Fields in which Indian Entrepreneurs Should Be Building Startups
It will be very presumptuous of me to specify the fields where an entrepreneur should focus as it defeats the spirit of entrepreneurship. However, I believe, Entrepreneurs in India should focus more on consumer service oriented products. What I mean by this is providing services but with a strong back-end for the service to provide the best user experience. Another area where there is lot or traction is building products as Software as a Service aka Cloud. This has definitely opened up new opportunities for companies to go global with operations in India. I would caution companies wanting to get into E-Commerce as the barrier for entry are very low and unless there is a real differentiator it is not scalable.
Thoughts on Being a First Angel
I am not really hung up on whether I am the first angel. My goal in investing in a company is to ensure the company is successful and do what is right for the company. However, I would like to be active in the companies I invest in and do my part in ensuring their success.

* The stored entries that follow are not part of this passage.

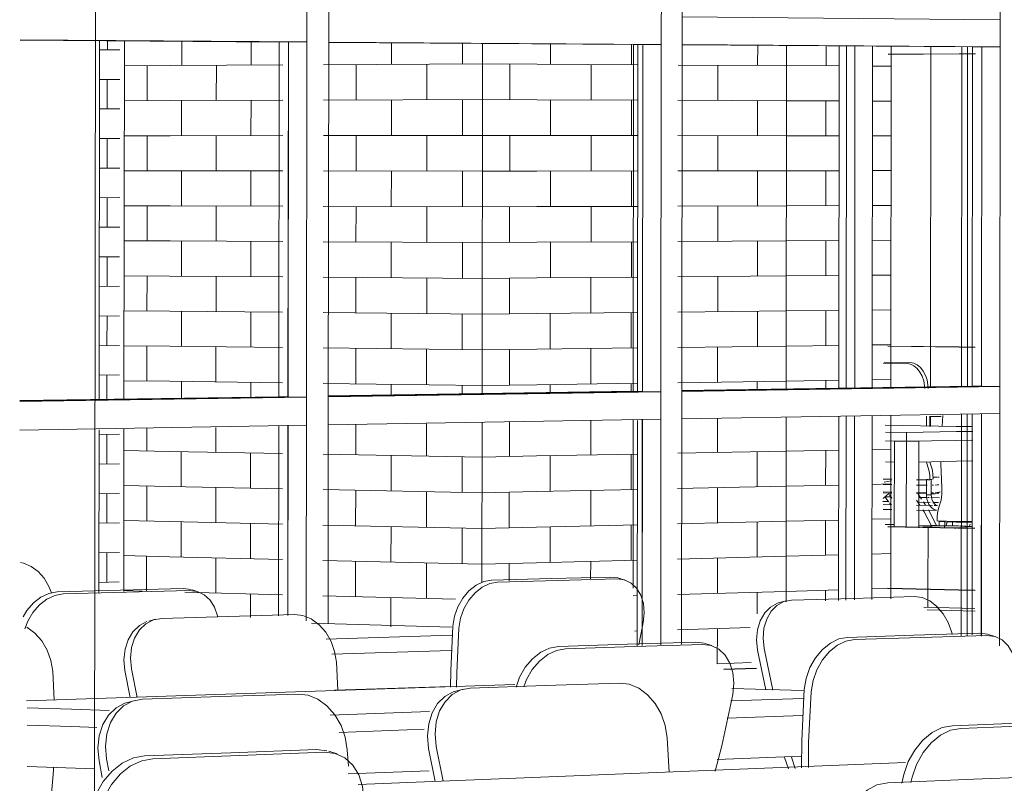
# Model space of a CAD drawing. Header units: metres. Extents: x -32 to 90, y -28 to 32.
# Tile 69 of 148: x 90.06276 to 90.06464, y 1.77606 to 1.77751. Entities that reach past the tile are written whole.
import ezdxf

# ---------------------------------------------------------------- set-up
doc = ezdxf.new("R2010")
doc.units = ezdxf.units.M
for name, color, linetype, lineweight in [('A-DOOR', 31, 'Continuous', 18), ('A-GLAZ-CURT', 52, 'Continuous', 18), ('A-GLAZ-CWMG', 51, 'Continuous', 18), ('A-WALL', 113, 'Continuous', 18), ('A-WALL-PATT', 111, 'Continuous', 35), ('I-FURN', 30, 'Continuous', 18)]:
    doc.layers.add(name, color=color, linetype=linetype, lineweight=lineweight)

# ---------------------------------------------------------------- blocks, each defined once
blk = doc.blocks.new('FP_45-3-RESTAURANTE- ÁREA DE REFEIÇÃO AMPLIADA')
at = {"layer": 'A-WALL-PATT', "lineweight": 9}
for p, q in [((3.3107419, 1.777452), (3.3107419, 1.7774691)), ((3.3107272, 1.7774521), (3.3107658, 1.7774518)), ((3.3107271, 1.7773958), (3.3107657, 1.7773956)), ((3.3107418, 1.7773395), (3.3107418, 1.7773958)), ((3.3107271, 1.7773396), (3.3107657, 1.7773395)), ((3.310727, 1.7772833), (3.3107656, 1.7772833)), ((3.3107416, 1.7772271), (3.3107417, 1.7772833)), ((3.3107269, 1.7772271), (3.3107655, 1.7772271)), ((3.3107268, 1.7771708), (3.3107655, 1.7771709)), ((3.3107415, 1.7771146), (3.3107415, 1.7771708)), ((3.3107268, 1.7771146), (3.3107654, 1.7771147)), ((3.3107267, 1.7770583), (3.3107653, 1.7770585)), ((3.3107413, 1.7770022), (3.3107414, 1.7770584)), ((3.3107266, 1.777002), (3.3107653, 1.7770024)), ((3.3107266, 1.7769458), (3.3107652, 1.7769462)), ((3.3107412, 1.7768897), (3.3107413, 1.7769459)), ((3.3107265, 1.7768895), (3.3107651, 1.77689)), ((3.3107264, 1.7768332), (3.3107651, 1.7768338)), ((3.3107411, 1.7767852), (3.3107411, 1.7768334)), ((3.3107263, 1.7767207), (3.3107649, 1.7767214)), ((3.3107409, 1.7766647), (3.310741, 1.776721)), ((3.3107262, 1.7766644), (3.3107649, 1.7766652)), ((3.3107262, 1.7766082), (3.3107648, 1.776609)), ((3.3107408, 1.7765522), (3.3107409, 1.7766085)), ((3.3107261, 1.7765519), (3.3107647, 1.7765528)), ((3.310726, 1.7764956), (3.3107647, 1.7764966)), ((3.3107407, 1.7764398), (3.3107407, 1.776496)), ((3.310726, 1.7764394), (3.3107646, 1.7764404))]:
    blk.add_line(p, q, dxfattribs=at)
blk = doc.blocks.new('FP_46-3-RESTAURANTE- ÁREA DE REFEIÇÃO AMPLIADA')
at = {"layer": 'A-WALL-PATT', "lineweight": 9}
for p, q in [((3.3107742, 1.7774215), (3.3108614, 1.777422)), ((3.3108177, 1.7773552), (3.3108177, 1.7774217)), ((3.3107742, 1.777355), (3.3108613, 1.7773553)), ((3.3107741, 1.7772885), (3.3108612, 1.7772886)), ((3.3108175, 1.777222), (3.3108176, 1.7772886)), ((3.310774, 1.777222), (3.3108611, 1.7772219)), ((3.3107739, 1.7771555), (3.310861, 1.7771553)), ((3.3108173, 1.7770888), (3.3108174, 1.7771554)), ((3.3107738, 1.777089), (3.310861, 1.7770886)), ((3.3107738, 1.7770225), (3.3108609, 1.7770219)), ((3.3108172, 1.7769556), (3.3108173, 1.7770222)), ((3.3107737, 1.776956), (3.3108608, 1.7769552)), ((3.3107736, 1.7768895), (3.3108607, 1.7768885)), ((3.310817, 1.7768224), (3.3108171, 1.776889)), ((3.3107735, 1.776823), (3.3108606, 1.7768218)), ((3.3108169, 1.7766892), (3.3108169, 1.7767319)), ((3.3107733, 1.77669), (3.3108605, 1.7766884)), ((3.3107733, 1.7766235), (3.3108604, 1.7766217)), ((3.3108167, 1.776556), (3.3108168, 1.7766226)), ((3.3107732, 1.776557), (3.3108603, 1.776555)), ((3.3107731, 1.7764904), (3.3108602, 1.7764883)), ((3.3108165, 1.7764233), (3.3108166, 1.7764894)), ((3.310773, 1.7764239), (3.3108079, 1.776423))]:
    blk.add_line(p, q, dxfattribs=at)
blk = doc.blocks.new('FP_47-3-RESTAURANTE- ÁREA DE REFEIÇÃO AMPLIADA')
at = {"layer": 'A-WALL-PATT', "lineweight": 9}
for p, q in [((3.3108832, 1.7774221), (3.3108833, 1.7774682)), ((3.311015, 1.7774228), (3.311015, 1.7774673)), ((3.3112818, 1.7774242), (3.3112819, 1.7774641)), ((3.3114169, 1.7774249), (3.311417, 1.7774641)), ((3.3108614, 1.777422), (3.3110756, 1.7774231)), ((3.3109489, 1.7773556), (3.310949, 1.7774224)), ((3.3111526, 1.7774235), (3.3114547, 1.7774251)), ((3.3112146, 1.7773564), (3.3112147, 1.7774238)), ((3.3113492, 1.7773568), (3.3113492, 1.7774245)), ((3.3108613, 1.7773553), (3.3110755, 1.777356)), ((3.3108831, 1.7772886), (3.3108831, 1.7773554)), ((3.3110148, 1.7772888), (3.3110149, 1.7773558)), ((3.3111525, 1.7773562), (3.3114546, 1.7773572)), ((3.3112817, 1.7772891), (3.3112818, 1.7773566)), ((3.3114168, 1.7772892), (3.3114169, 1.777357)), ((3.3108612, 1.7772886), (3.3110754, 1.7772888)), ((3.3109487, 1.7772218), (3.3109488, 1.7772887)), ((3.3111525, 1.7772889), (3.3114545, 1.7772892)), ((3.3112145, 1.7772216), (3.3112146, 1.777289)), ((3.311349, 1.7772214), (3.3113491, 1.7772891)), ((3.3108611, 1.7772219), (3.3110753, 1.7772217)), ((3.3108829, 1.7771552), (3.310883, 1.7772219)), ((3.3110147, 1.7771548), (3.3110148, 1.7772218)), ((3.3111524, 1.7772216), (3.3114544, 1.7772213)), ((3.3112815, 1.7771539), (3.3112816, 1.7772215)), ((3.3114166, 1.7771535), (3.3114167, 1.7772214)), ((3.310861, 1.7771553), (3.3110752, 1.7771546)), ((3.3109486, 1.7770881), (3.3109487, 1.777155)), ((3.3111523, 1.7771543), (3.3114544, 1.7771534)), ((3.3112143, 1.7770867), (3.3112144, 1.7771541)), ((3.3113489, 1.777086), (3.3113489, 1.7771537)), ((3.310861, 1.7770886), (3.3110752, 1.7770875)), ((3.3108827, 1.7770217), (3.3108828, 1.7770885)), ((3.3110145, 1.7770208), (3.3110146, 1.7770878)), ((3.3111522, 1.7770871), (3.3114543, 1.7770855)), ((3.3112814, 1.7770188), (3.3112815, 1.7770864)), ((3.3114165, 1.7770178), (3.3114166, 1.7770857)), ((3.3108609, 1.7770219), (3.3110751, 1.7770203)), ((3.3109484, 1.7769544), (3.3109485, 1.7770212)), ((3.3111521, 1.7770198), (3.3114542, 1.7770175)), ((3.3112142, 1.7769519), (3.3112143, 1.7770193)), ((3.3113487, 1.7769506), (3.3113488, 1.7770183)), ((3.3108608, 1.7769552), (3.311075, 1.7769532)), ((3.3108826, 1.7768883), (3.3108827, 1.776955)), ((3.3110144, 1.7768867), (3.3110144, 1.7769538)), ((3.3111521, 1.7769525), (3.3114541, 1.7769496)), ((3.3112812, 1.7768837), (3.3112813, 1.7769512)), ((3.3114163, 1.7768821), (3.3114164, 1.77695)), ((3.3108607, 1.7768885), (3.3110749, 1.776886)), ((3.3109483, 1.7768206), (3.3109483, 1.7768875)), ((3.311152, 1.7768852), (3.3114541, 1.7768817)), ((3.311214, 1.776817), (3.3112141, 1.7768844)), ((3.3113486, 1.7768152), (3.3113486, 1.7768829)), ((3.3108606, 1.7768218), (3.3110749, 1.7768189)), ((3.3108825, 1.7767882), (3.3108825, 1.7768215)), ((3.3110143, 1.7767903), (3.3110143, 1.7768197)), ((3.3111519, 1.7768179), (3.311454, 1.7768138)), ((3.3112811, 1.7767944), (3.3112812, 1.7768161)), ((3.3114162, 1.7767965), (3.3114163, 1.7768143)), ((3.3109481, 1.7766869), (3.3109482, 1.7767342)), ((3.3112139, 1.7766822), (3.3112139, 1.7767388)), ((3.3113484, 1.7766798), (3.3113485, 1.7767412)), ((3.3108605, 1.7766884), (3.3110747, 1.7766846)), ((3.3108823, 1.7766213), (3.3108823, 1.776688)), ((3.3110141, 1.7766187), (3.3110141, 1.7766857)), ((3.3111518, 1.7766833), (3.3114539, 1.7766779)), ((3.3112809, 1.7766134), (3.311281, 1.776681)), ((3.311416, 1.7766107), (3.3114161, 1.7766786)), ((3.3108604, 1.7766217), (3.3110746, 1.7766175)), ((3.3109479, 1.7765531), (3.310948, 1.77662)), ((3.3111517, 1.776616), (3.3114538, 1.7766099)), ((3.3112137, 1.7765473), (3.3112138, 1.7766147)), ((3.3113483, 1.7765443), (3.3113483, 1.776612)), ((3.3108603, 1.776555), (3.3110745, 1.7765503)), ((3.3108821, 1.7764878), (3.3108822, 1.7765546)), ((3.3110139, 1.7764846), (3.311014, 1.7765517)), ((3.3111516, 1.7765486), (3.3114537, 1.776542)), ((3.3112808, 1.7764782), (3.3112809, 1.7765458)), ((3.3114159, 1.776475), (3.311416, 1.7765428)), ((3.3108602, 1.7764883), (3.3110745, 1.7764832)), ((3.3109478, 1.7764194), (3.3109479, 1.7764862)), ((3.3111515, 1.7764813), (3.3114536, 1.7764741)), ((3.3112136, 1.7764124), (3.3112136, 1.7764798)), ((3.3113481, 1.7764089), (3.3113482, 1.7764766)), ((3.310889, 1.7764209), (3.3110744, 1.776416)), ((3.3110138, 1.7763727), (3.3110138, 1.7764176)), ((3.3111515, 1.776414), (3.3114032, 1.7764074)), ((3.3112806, 1.7763551), (3.3112807, 1.7764106))]:
    blk.add_line(p, q, dxfattribs=at)
blk = doc.blocks.new('FP_48-3-RESTAURANTE- ÁREA DE REFEIÇÃO AMPLIADA')
at = {"layer": 'A-WALL-PATT', "lineweight": 9}
for p, q in [((3.3114547, 1.7774251), (3.3115583, 1.7774245)), ((3.3115065, 1.777357), (3.3115066, 1.7774248)), ((3.3114546, 1.7773572), (3.3115582, 1.7773568)), ((3.3114545, 1.7772892), (3.3115582, 1.7772891)), ((3.3115064, 1.7772214), (3.3115064, 1.7772892)), ((3.3114544, 1.7772213), (3.3115581, 1.7772214)), ((3.3114544, 1.7771534), (3.311558, 1.7771538)), ((3.3115062, 1.7770858), (3.3115063, 1.7771536)), ((3.3114543, 1.7770855), (3.3115579, 1.7770861)), ((3.3114542, 1.7770175), (3.3115579, 1.7770184)), ((3.3115061, 1.7769501), (3.3115061, 1.777018)), ((3.3114541, 1.7769496), (3.3115578, 1.7769507)), ((3.3114541, 1.7768817), (3.3115577, 1.776883)), ((3.3115059, 1.7768145), (3.311506, 1.7768823)), ((3.311454, 1.7768138), (3.3115577, 1.7768153)), ((3.3115058, 1.7766789), (3.3115058, 1.7767439)), ((3.3114539, 1.7766779), (3.3115575, 1.7766799)), ((3.3114538, 1.7766099), (3.3115574, 1.7766122)), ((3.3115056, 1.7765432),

This will ensure that I also get a good return on my investment.
Thoughts on Follow-on Investments
As an angel, I typically don’t reserve money for follow-on. There is a well-defined eco-system to raise the next round if the company is doing well and there is no point in you as an angel reaching deeper into your pockets as that will limit the number of companies you can invest in.
How Much to Offer an Angel Investor
I firmly believe that entrepreneurs in addition to raising cash should also look at who can add value to their company. Building a company is easier said than done and you need all the help you can get. If you get lousy investors who interfere in your daily operations, there is no fun in running the company. So in terms of board seat, I believe the entrepreneurs should look for investors who can add value outside of financing.
Entrepreneurs need to realize that the investors are taking a big risk in putting their money and should be ready to part with their company. Unfortunately, this comes only with maturity. Most entrepreneurs think they are being cheated as they feel they are taking all the risk. Only when they come to the other side of the table, they will realize that the person writing the check is also taking as much risk as the entrepreneurs. It is just that it is different kind of risk! It is important to make the entrepreneurs understand this so that they feel comfortable in parting with their company.